Feb. 21, 2023, 1:57 p.m.

Sheltering Arms, founded in 1823, serves around 17,000 New Yorkers a year, but will close down due to late contract payments and pandemic-related funding cuts.

A group of children wearing neon green chaperoned by adults walk through Washington Square Park.

A 200-year-old New York City nonprofit serving more than 17,000 kids and families is shutting down after years of funding cuts and millions of dollars in late contract payments, its CEO told Gothamist on Monday.

Sheltering Arms was founded in 1823 and operates youth homeless shelters, foster care, mental health treatment and housing programs in every borough except Staten Island.

CEO Elizabeth McCarthy called the decision to end services after two centuries “devastating” and said late contract payments and low enrollment in some programs doomed the organization. Sheltering Arms’ financial problems worsened during the pandemic, with a $2 million budget gap forcing it to cut its daycare programs last year, she added.

“If I were building a bridge for the city and they stopped paying me for 18 months I would stop building the bridge,” McCarthy said. “They’re mission-driven businesses, but they're still businesses."

Backlogged contract payments have long pained nonprofits and is among the issues Mayor Eric Adams pledged to tackle early in his tenure. Adams and City Comptroller Brad Lander joined forces last year to create a task force to “get nonprofits paid on time.”

“We pay our firefighters, teachers, and health care professionals on time — and other contracted essential workers should be no different,” Lander said in a statement Tuesday.

Michelle Jackson, executive director of the city’s Human Services Council, said city payment delays have dogged thousands of organizations like Sheltering Arms.

“This is a long-standing issue,” Jackson said. “The Adams administration inherited a system that was beyond repair.”

The mayor’s office did not respond to requests for comment for this story.

Lander said he and the Adams administration are “working hard to clear the backlog that causes organizations to struggle or shutter.”

Sheltering Arms declined to share specific budget numbers, but the group’s 2020 financial statement showed razor-thin reserves: The organization took in about $99.2 million that year — mostly from government contracts — and spent all but about $66,000.

The shutdown will take effect later this spring, an organization spokesperson said. The organization will turn its programs over to other nonprofits, including Rising Ground, which has pledged to offer jobs to existing Sheltering Arms staff.

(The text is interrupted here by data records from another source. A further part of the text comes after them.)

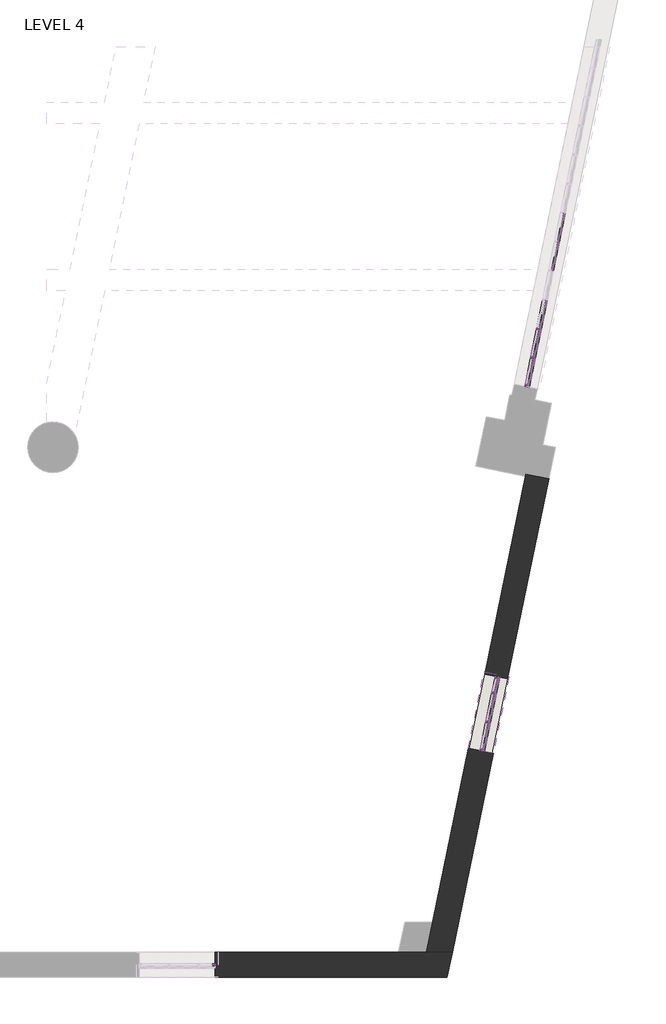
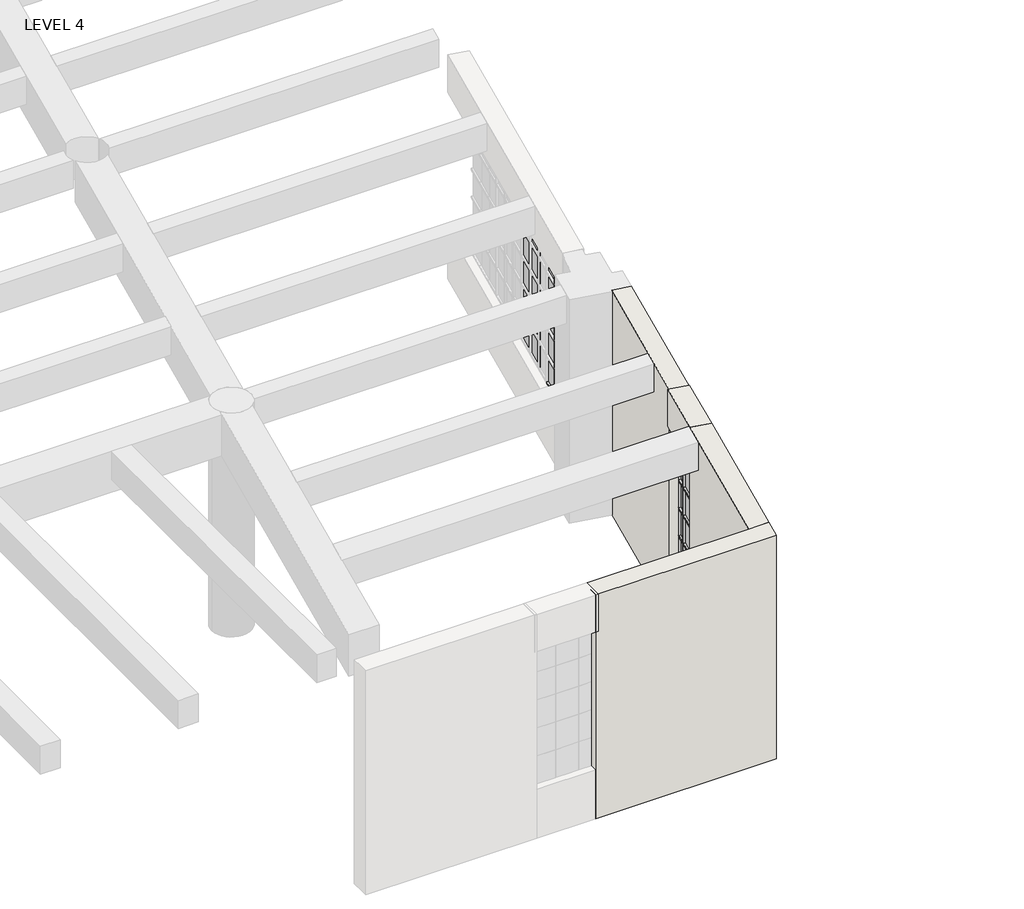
# One storey, part 17 of 26: 70 members, 40 plates, 5 walls.
"""IFC4 building model written with IfcOpenShell, lengths in millimetres."""

from ifc_helpers import new_model, si_unit, frame, origin, origin_with_axes, place, context, project, spatial, polyline, outline, extrude, faceted_brep, transform, mapped, element, save
from components import member_038dcf1c, member_0e6c94ff, member_d9fec558, member_3d4b608b, member_3c10d71f, member_653bb31e, member_9ec6e97d, member_6e26db71, member_5dd0e0a2, member_ff98d70f, member_91c6a23c, member_bbda502c, system_panel_glazed_ab35d819, system_panel_glazed_418eb6cd, system_panel_glazed_3fb58467, system_panel_glazed_40aa9f18, system_panel_glazed_fb44b68d

model = new_model("IFC4")

# Units and contexts
model_context = context("Model", 3, world=origin())
ifc_project = project(units=[si_unit("LENGTHUNIT", "METRE", prefix="MILLI")], contexts=[model_context])

# Site, building, storey
site = spatial("IfcSite", under=ifc_project)
building = spatial("IfcBuilding", under=site)
storey = spatial("IfcBuildingStorey", under=building, Name="LEVEL 4", Elevation=0.0)

# Members
placement = place(None, origin())
member_shape = member_038dcf1c(model_context)
element("IfcMember", 1, ObjectType="Circular Mullion : 1 1/4\" Square", at=placement, inside=storey, context=model_context, shape_type="MappedRepresentation", body=[
    mapped(member_shape, transform((18523.8992341, 89608.7116361, 2628.9), x_axis=(-0.20224183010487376, -0.9793356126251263, 0.0), y_axis=(0.9793356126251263, -0.20224183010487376, 0.0), z_axis=(0.0, 0.0, 1.0))),
])
element("IfcMember", 2, ObjectType="Circular Mullion : 1 1/4\" Square", at=placement, inside=storey, context=model_context, shape_type="MappedRepresentation", body=[
    mapped(member_shape, transform((18523.8992341, 89608.7116361, 2171.7), x_axis=(-0.20224183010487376, -0.9793356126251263, 0.0), y_axis=(0.9793356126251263, -0.20224183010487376, 0.0), z_axis=(0.0, 0.0, 1.0))),
])
element("IfcMember", 3, ObjectType="Circular Mullion : 1 1/4\" Square", at=placement, inside=storey, context=model_context, shape_type="MappedRepresentation", body=[
    mapped(member_shape, transform((18523.8992341, 89608.7116361, 1714.5), x_axis=(-0.20224183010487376, -0.9793356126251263, 0.0), y_axis=(0.9793356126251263, -0.20224183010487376, 0.0), z_axis=(0.0, 0.0, 1.0))),
])
element("IfcMember", 4, ObjectType="Circular Mullion : 1 1/4\" Square", at=placement, inside=storey, context=model_context, shape_type="MappedRepresentation", body=[
    mapped(member_shape, transform((19065.306455, 93988.6826954, 2628.9), x_axis=(-0.20222128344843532, -0.9793398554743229, 0.0), y_axis=(0.9793398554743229, -0.20222128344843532, 0.0), z_axis=(0.0, 0.0, 1.0))),
])
element("IfcMember", 5, ObjectType="Circular Mullion : 1 1/4\" Square", at=placement, inside=storey, context=model_context, shape_type="MappedRepresentation", body=[
    mapped(member_shape, transform((19065.306455, 93988.6826954, 2171.7), x_axis=(-0.20222128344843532, -0.9793398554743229, 0.0), y_axis=(0.9793398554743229, -0.20222128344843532, 0.0), z_axis=(0.0, 0.0, 1.0))),
])
element("IfcMember", 6, ObjectType="Circular Mullion : 1 1/4\" Square", at=placement, inside=storey, context=model_context, shape_type="MappedRepresentation", body=[
    mapped(member_shape, transform((19065.306455, 93988.6826954, 1714.5), x_axis=(-0.20222128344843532, -0.9793398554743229, 0.0), y_axis=(0.9793398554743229, -0.20222128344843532, 0.0), z_axis=(0.0, 0.0, 1.0))),
])
element("IfcMember", 7, ObjectType="Circular Mullion : 1 1/4\" Square", at=placement, inside=storey, context=model_context, shape_type="MappedRepresentation", body=[
    mapped(member_shape, transform((15326.2239622, 87038.6689412, 2171.7), x_axis=(1.0, 0.0, 0.0), y_axis=(0.0, -1.0, 0.0), z_axis=(0.0, 0.0, -1.0))),
])
element("IfcMember", 8, ObjectType="Circular Mullion : 1 1/4\" Square", at=placement, inside=storey, context=model_context, shape_type="MappedRepresentation", body=[
    mapped(member_shape, transform((15326.2239622, 87038.6689412, 1714.5), x_axis=(1.0, 0.0, 0.0), y_axis=(0.0, -1.0, 0.0), z_axis=(0.0, 0.0, -1.0))),
])
element("IfcMember", 9, ObjectType="Circular Mullion : 1 1/4\" Square", at=placement, inside=storey, context=model_context, shape_type="MappedRepresentation", body=[
    mapped(member_shape, transform((15326.2239622, 87038.6689412, 1257.3), x_axis=(1.0, 0.0, 0.0), y_axis=(0.0, -1.0, 0.0), z_axis=(0.0, 0.0, -1.0))),
])
element("IfcMember", 10, ObjectType="Circular Mullion : 1 1/4\" Square", at=placement, inside=storey, context=model_context, shape_type="MappedRepresentation", body=[
    mapped(member_shape, transform((18708.7270513, 90503.7216521, 2171.7), x_axis=(0.20224183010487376, 0.9793356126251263, 0.0), y_axis=(0.9793356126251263, -0.20224183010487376, 0.0), z_axis=(0.0, 0.0, -1.0))),
])
element("IfcMember", 11, ObjectType="Circular Mullion : 1 1/4\" Square", at=placement, inside=storey, context=model_context, shape_type="MappedRepresentation", body=[
    mapped(member_shape, transform((18708.7270513, 90503.7216521, 1714.5), x_axis=(0.20224183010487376, 0.9793356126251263, 0.0), y_axis=(0.9793356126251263, -0.20224183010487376, 0.0), z_axis=(0.0, 0.0, -1.0))),
])
element("IfcMember", 12, ObjectType="Circular Mullion : 1 1/4\" Square", at=placement, inside=storey, context=model_context, shape_type="MappedRepresentation", body=[
    mapped(member_shape, transform((18708.7270513, 90503.7216521, 1257.3), x_axis=(0.20224183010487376, 0.9793356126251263, 0.0), y_axis=(0.9793356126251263, -0.20224183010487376, 0.0), z_axis=(0.0, 0.0, -1.0))),
])
element("IfcMember", 13, ObjectType="Circular Mullion : 1 1/4\" Square", at=placement, inside=storey, context=model_context, shape_type="MappedRepresentation", body=[
    mapped(member_shape, transform((18523.8992341, 89608.7116361, 1257.3), x_axis=(-0.20224183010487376, -0.9793356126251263, 0.0), y_axis=(0.9793356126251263, -0.20224183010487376, 0.0), z_axis=(0.0, 0.0, 1.0))),
])
element("IfcMember", 14, ObjectType="Circular Mullion : 1 1/4\" Square", at=placement, inside=storey, context=model_context, shape_type="MappedRepresentation", body=[
    mapped(member_shape, transform((19065.306455, 93988.6826954, 1257.3), x_axis=(-0.20222128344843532, -0.9793398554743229, 0.0), y_axis=(0.9793398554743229, -0.20222128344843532, 0.0), z_axis=(0.0, 0.0, 1.0))),
])
element("IfcMember", 15, ObjectType="Circular Mullion : 1 1/4\" Square", at=placement, inside=storey, context=model_context, shape_type="MappedRepresentation", body=[
    mapped(member_shape, transform((15326.2239622, 87038.6689412, 800.1), x_axis=(1.0, 0.0, 0.0), y_axis=(0.0, -1.0, 0.0), z_axis=(0.0, 0.0, -1.0))),
])
element("IfcMember", 16, ObjectType="Circular Mullion : 1 1/4\" Square", at=placement, inside=storey, context=model_context, shape_type="MappedRepresentation", body=[
    mapped(member_shape, transform((18708.7270513, 90503.7216521, 800.1), x_axis=(0.20224183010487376, 0.9793356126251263, 0.0), y_axis=(0.9793356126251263, -0.20224183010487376, 0.0), z_axis=(0.0, 0.0, -1.0))),
])
member_2_shape = member_0e6c94ff(model_context)
element("IfcMember", 17, ObjectType="Circular Mullion : 1 1/4\" Square", at=placement, inside=storey, context=model_context, shape_type="MappedRepresentation", body=[
    mapped(member_2_shape, transform((18523.8992341, 89608.7116361, 3060.7), x_axis=(-0.20224183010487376, -0.9793356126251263, 0.0), y_axis=(0.9793356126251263, -0.20224183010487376, 0.0), z_axis=(0.0, 0.0, 1.0))),
])
element("IfcMember", 18, ObjectType="Circular Mullion : 1 1/4\" Square", at=placement, inside=storey, context=model_context, shape_type="MappedRepresentation", body=[
    mapped(member_2_shape, transform((18708.7270513, 90503.7216521, 2628.9), x_axis=(0.20224183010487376, 0.9793356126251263, 0.0), y_axis=(0.9793356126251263, -0.20224183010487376, 0.0), z_axis=(0.0, 0.0, -1.0))),
])
member_3_shape = member_d9fec558(model_context)
element("IfcMember", 19, ObjectType="Circular Mullion : 1 1/4\" Square", at=placement, inside=storey, context=model_context, shape_type="MappedRepresentation", body=[
    mapped(member_3_shape, transform((18595.8164289, 89956.9633803, 2628.9), x_axis=(0.20224183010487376, 0.9793356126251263, 0.0), y_axis=(0.9793356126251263, -0.20224183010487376, 0.0), z_axis=(0.0, 0.0, -1.0))),
])
element("IfcMember", 20, ObjectType="Circular Mullion : 1 1/4\" Square", at=placement, inside=storey, context=model_context, shape_type="MappedRepresentation", body=[
    mapped(member_3_shape, transform((18667.7336237, 90305.2151241, 2628.9), x_axis=(0.20224183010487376, 0.9793356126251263, 0.0), y_axis=(0.9793356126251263, -0.20224183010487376, 0.0), z_axis=(0.0, 0.0, -1.0))),
])
member_4_shape = member_3d4b608b(model_context)
element("IfcMember", 21, ObjectType="Circular Mullion : 1 1/4\" Square", at=placement, inside=storey, context=model_context, shape_type="MappedRepresentation", body=[
    mapped(member_4_shape, transform((18595.8164289, 89956.9633803, 2171.7), x_axis=(0.20224183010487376, 0.9793356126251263, 0.0), y_axis=(0.9793356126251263, -0.20224183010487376, 0.0), z_axis=(0.0, 0.0, -1.0))),
])
element("IfcMember", 22, ObjectType="Circular Mullion : 1 1/4\" Square", at=placement, inside=storey, context=model_context, shape_type="MappedRepresentation", body=[
    mapped(member_4_shape, transform((18595.8164289, 89956.9633803, 1714.5), x_axis=(0.20224183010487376, 0.9793356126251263, 0.0), y_axis=(0.9793356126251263, -0.20224183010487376, 0.0), z_axis=(0.0, 0.0, -1.0))),
])
element("IfcMember", 23, ObjectType="Circular Mullion : 1 1/4\" Square", at=placement, inside=storey, context=model_context, shape_type="MappedRepresentation", body=[
    mapped(member_4_shape, transform((18595.8164289, 89956.9633803, 1257.3), x_axis=(0.20224183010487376, 0.9793356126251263, 0.0), y_axis=(0.9793356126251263, -0.20224183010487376, 0.0), z_axis=(0.0, 0.0, -1.0))),
])
element("IfcMember", 24, ObjectType="Circular Mullion : 1 1/4\" Square", at=placement, inside=storey, context=model_context, shape_type="MappedRepresentation", body=[
    mapped(member_4_shape, transform((18667.7336237, 90305.2151241, 2171.7), x_axis=(0.20224183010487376, 0.9793356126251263, 0.0), y_axis=(0.9793356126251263, -0.20224183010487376, 0.0), z_axis=(0.0, 0.0, -1.0))),
])
element("IfcMember", 25, ObjectType="Circular Mullion : 1 1/4\" Square", at=placement, inside=storey, context=model_context, shape_type="MappedRepresentation", body=[
    mapped(member_4_shape, transform((18667.7336237, 90305.2151241, 1714.5), x_axis=(0.20224183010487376, 0.9793356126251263, 0.0), y_axis=(0.9793356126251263, -0.20224183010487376, 0.0), z_axis=(0.0, 0.0, -1.0))),
])
element("IfcMember", 26, ObjectType="Circular Mullion : 1 1/4\" Square", at=placement, inside=storey, context=model_context, shape_type="MappedRepresentation", body=[
    mapped(member_4_shape, transform((18667.7336237, 90305.2151241, 1257.3), x_axis=(0.20224183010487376, 0.9793356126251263, 0.0), y_axis=(0.9793356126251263, -0.20224183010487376, 0.0), z_axis=(0.0, 0.0, -1.0))),
])
element("IfcMember", 27, ObjectType="Circular Mullion : 1 1/4\" Square", at=placement, inside=storey, context=model_context, shape_type="MappedRepresentation", body=[
    mapped(member_4_shape, transform((19137.2163434, 94336.9359483, 2171.7), x_axis=(0.20222128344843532, 0.9793398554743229, 0.0), y_axis=(0.9793398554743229, -0.20222128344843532, 0.0), z_axis=(0.0, 0.0, -1.0))),
])
element("IfcMember", 28, ObjectType="Circular Mullion : 1 1/4\" Square", at=placement, inside=storey, context=model_context, shape_type="MappedRepresentation", body=[
    mapped(member_4_shape, transform((19137.2163434, 94336.9359483, 1714.5), x_axis=(0.20222128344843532, 0.9793398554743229, 0.0), y_axis=(0.9793398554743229, -0.20222128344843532, 0.0), z_axis=(0.0, 0.0, -1.0))),
])
element("IfcMember", 29, ObjectType="Circular Mullion : 1 1/4\" Square", at=placement, inside=storey, context=model_context, shape_type="MappedRepresentation", body=[
    mapped(member_4_shape, transform((19137.2163434, 94336.9359483, 1257.3), x_axis=(0.20222128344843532, 0.9793398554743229, 0.0), y_axis=(0.9793398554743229, -0.20222128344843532, 0.0), z_axis=(0.0, 0.0, -1.0))),
])
element("IfcMember", 30, ObjectType="Circular Mullion : 1 1/4\" Square", at=placement, inside=storey, context=model_context, shape_type="MappedRepresentation", body=[
    mapped(member_4_shape, transform((19209.1262318, 94685.1892009, 2171.7), x_axis=(0.20222128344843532, 0.9793398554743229, 0.0), y_axis=(0.9793398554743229, -0.20222128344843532, 0.0), z_axis=(0.0, 0.0, -1.0))),
])
element("IfcMember", 31, ObjectType="Circular Mullion : 1 1/4\" Square", at=placement, inside=storey, context=model_context, shape_type="MappedRepresentation", body=[
    mapped(member_4_shape, transform((19209.1262318, 94685.1892009, 1714.5), x_axis=(0.20222128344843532, 0.9793398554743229, 0.0), y_axis=(0.9793398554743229, -0.20222128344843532, 0.0), z_axis=(0.0, 0.0, -1.0))),
])
element("IfcMember", 32, ObjectType="Circular Mullion : 1 1/4\" Square", at=placement, inside=storey, context=model_context, shape_type="MappedRepresentation", body=[
    mapped(member_4_shape, transform((19209.1262318, 94685.1892009, 1257.3), x_axis=(0.20222128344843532, 0.9793398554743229, 0.0), y_axis=(0.9793398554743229, -0.20222128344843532, 0.0), z_axis=(0.0, 0.0, -1.0))),
])
element("IfcMember", 33, ObjectType="Circular Mullion : 1 1/4\" Square", at=placement, inside=storey, context=model_context, shape_type="MappedRepresentation", body=[
    mapped(member_4_shape, transform((18595.8164289, 89956.9633803, 800.1), x_axis=(0.20224183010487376, 0.9793356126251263, 0.0), y_axis=(0.9793356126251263, -0.20224183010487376, 0.0), z_axis=(0.0, 0.0, -1.0))),
])
element("IfcMember", 34, ObjectType="Circular Mullion : 1 1/4\" Square", at=placement, inside=storey, context=model_context, shape_type="MappedRepresentation", body=[
    mapped(member_4_shape, transform((18667.7336237, 90305.2151241, 800.1), x_axis=(0.20224183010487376, 0.9793356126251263, 0.0), y_axis=(0.9793356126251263, -0.20224183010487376, 0.0), z_axis=(0.0, 0.0, -1.0))),
])
element("IfcMember", 35, ObjectType="Circular Mullion : 1 1/4\" Square", at=placement, inside=storey, context=model_context, shape_type="MappedRepresentation", body=[
    mapped(member_4_shape, transform((19137.2163434, 94336.9359483, 800.1), x_axis=(0.20222128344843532, 0.9793398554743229, 0.0), y_axis=(0.9793398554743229, -0.20222128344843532, 0.0), z_axis=(0.0, 0.0, -1.0))),
])
element("IfcMember", 36, ObjectType="Circular Mullion : 1 1/4\" Square", at=placement, inside=storey, context=model_context, shape_type="MappedRepresentation", body=[
    mapped(member_4_shape, transform((19209.1262318, 94685.1892009, 800.1), x_axis=(0.20222128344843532, 0.9793398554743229, 0.0), y_axis=(0.9793398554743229, -0.20222128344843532, 0.0), z_axis=(0.0, 0.0, -1.0))),
])
member_5_shape = member_3c10d71f(model_context)
element("IfcMember", 37, ObjectType="Circular Mullion : 1 1/4\" Square", at=placement, inside=storey, context=model_context, shape_type="MappedRepresentation", body=[
    mapped(member_5_shape, transform((19206.5580215, 94672.7515847, 3048.0), x_axis=(0.0, 0.0, 1.0), y_axis=(0.979339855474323, -0.20222128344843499, 0.0), z_axis=(0.20222128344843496, 0.9793398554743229, 0.0))),
])
element("IfcMember", 38, ObjectType="Circular Mullion : 1 1/4\" Square", at=placement, inside=storey, context=model_context, shape_type="MappedRepresentation", body=[
    mapped(member_5_shape, transform((18665.1651525, 90292.7775618, 3060.7), x_axis=(0.0, 0.0, 1.0), y_axis=(0.9793356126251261, -0.20224183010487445, 0.0), z_axis=(0.20224183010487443, 0.979335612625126, 0.0))),
])
element("IfcMember", 39, ObjectType="Circular Mullion : 1 1/4\" Square", at=placement, inside=storey, context=model_context, shape_type="MappedRepresentation", body=[
    mapped(member_5_shape, transform((18598.3849002, 89969.4009426, 800.1), x_axis=(0.0, 0.0, -1.0), y_axis=(0.9793356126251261, -0.20224183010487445, 0.0), z_axis=(-0.20224183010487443, -0.979335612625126, 0.0))),
])
element("IfcMember", 40, ObjectType="Circular Mullion : 1 1/4\" Square", at=placement, inside=storey, context=model_context, shape_type="MappedRepresentation", body=[
    mapped(member_5_shape, transform((19139.7845537, 94349.3735645, 800.1), x_axis=(0.0, 0.0, -1.0), y_axis=(0.979339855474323, -0.20222128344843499, 0.0), z_axis=(-0.20222128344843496, -0.9793398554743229, 0.0))),
])
element("IfcMember", 41, ObjectType="Circular Mullion : 1 1/4\" Square", at=placement, inside=storey, context=model_context, shape_type="MappedRepresentation", body=[
    mapped(member_5_shape, transform((19211.6944421, 94697.6268171, 800.1), x_axis=(0.0, 0.0, -1.0), y_axis=(0.9793398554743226, -0.202221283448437, 0.0), z_axis=(-0.202221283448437, -0.9793398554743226, 0.0))),
])
member_6_shape = member_653bb31e(model_context)
element("IfcMember", 42, ObjectType="Circular Mullion : 1 1/4\" Square", at=placement, inside=storey, context=model_context, shape_type="MappedRepresentation", body=[
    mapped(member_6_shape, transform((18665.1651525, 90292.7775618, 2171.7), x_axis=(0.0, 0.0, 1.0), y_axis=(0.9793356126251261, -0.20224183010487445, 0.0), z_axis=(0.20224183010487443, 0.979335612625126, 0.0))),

Sheltering Arms also contracts with the Department of Youth and Community Development and the Administration for Children’s Services.

Mark Zustovich, a spokesperson for the DYCD, said the agency “immediately began mobilizing” other nonprofits and the state to reassign Sheltering Arms’ contracts.

The “residential and drop-in network will not lose capacity, and any young person who needs services will continue to have access to them,” he said.

Jeannine Smith, a spokesperson for the state's Office of Children and Family Services, said the agency is also working with the DYCD to “avoid lapses in services.”

Low enrollment in early childhood and other programs, which was spurred by the pandemic, meant less cash from the city to Sheltering Arms, said organization spokesperson Jennifer Burner Barden.

The Department of Education agreed to reimburse only 75% of the organization’s spending last year, leaving Sheltering Arms millions behind in cash that it needed to make rent, cover insurance and pay staff, she said. The DOE did not immediately respond to a request for comment.

A 2021 report by the city’s Human Services Recovery Task Force found that more than 1,800 nonprofits were in danger of closing, with revenues down an average of $9.1 million and late payments averaging around $8 million. On Friday, the New York Times reported on similar problems plaguing another youth homeless services provider, Girls Educational & Mentoring Services, or GEMS.

“All of my members get government funding and none of them get 100% of what they need,” Jackson said. “Is this a sustainable model? I think more and more organizations are grappling with that question.”

Jamie Powlovich, the head of the Coalition for Homeless Youth, said losing Sheltering Arms’ programs for homeless teens and young adults will be a big blow. The organization’s services have been a “national model,” she said.

Powlovich said she hoped the transition to Rising Ground would move quickly so there was no disruption in services for young people staying in their 44 shelter beds and 102 federally funded apartments. The city’s decision to cut contracts with the troubled youth shelter provider CORE Services removed nearly 100 beds from a strained shelter system, with some still not approved to reopen more than a year later.

The city has triggered additional uncertainty in the youth services network by ordering providers, including Sheltering Arms, to prohibit young people from sleeping in their drop-in centers overnight.

Former Sheltering Arms staff member Lyndon Hernandez, who co-chairs the city’s Youth Action Board, said he hoped the closure would mean stronger services for homeless young people and that Rising Ground would follow through with a plan to offer jobs to existing staffers.

“This hopefully means more opportunities for things [clients] didn’t have access to before,” Hernandez said.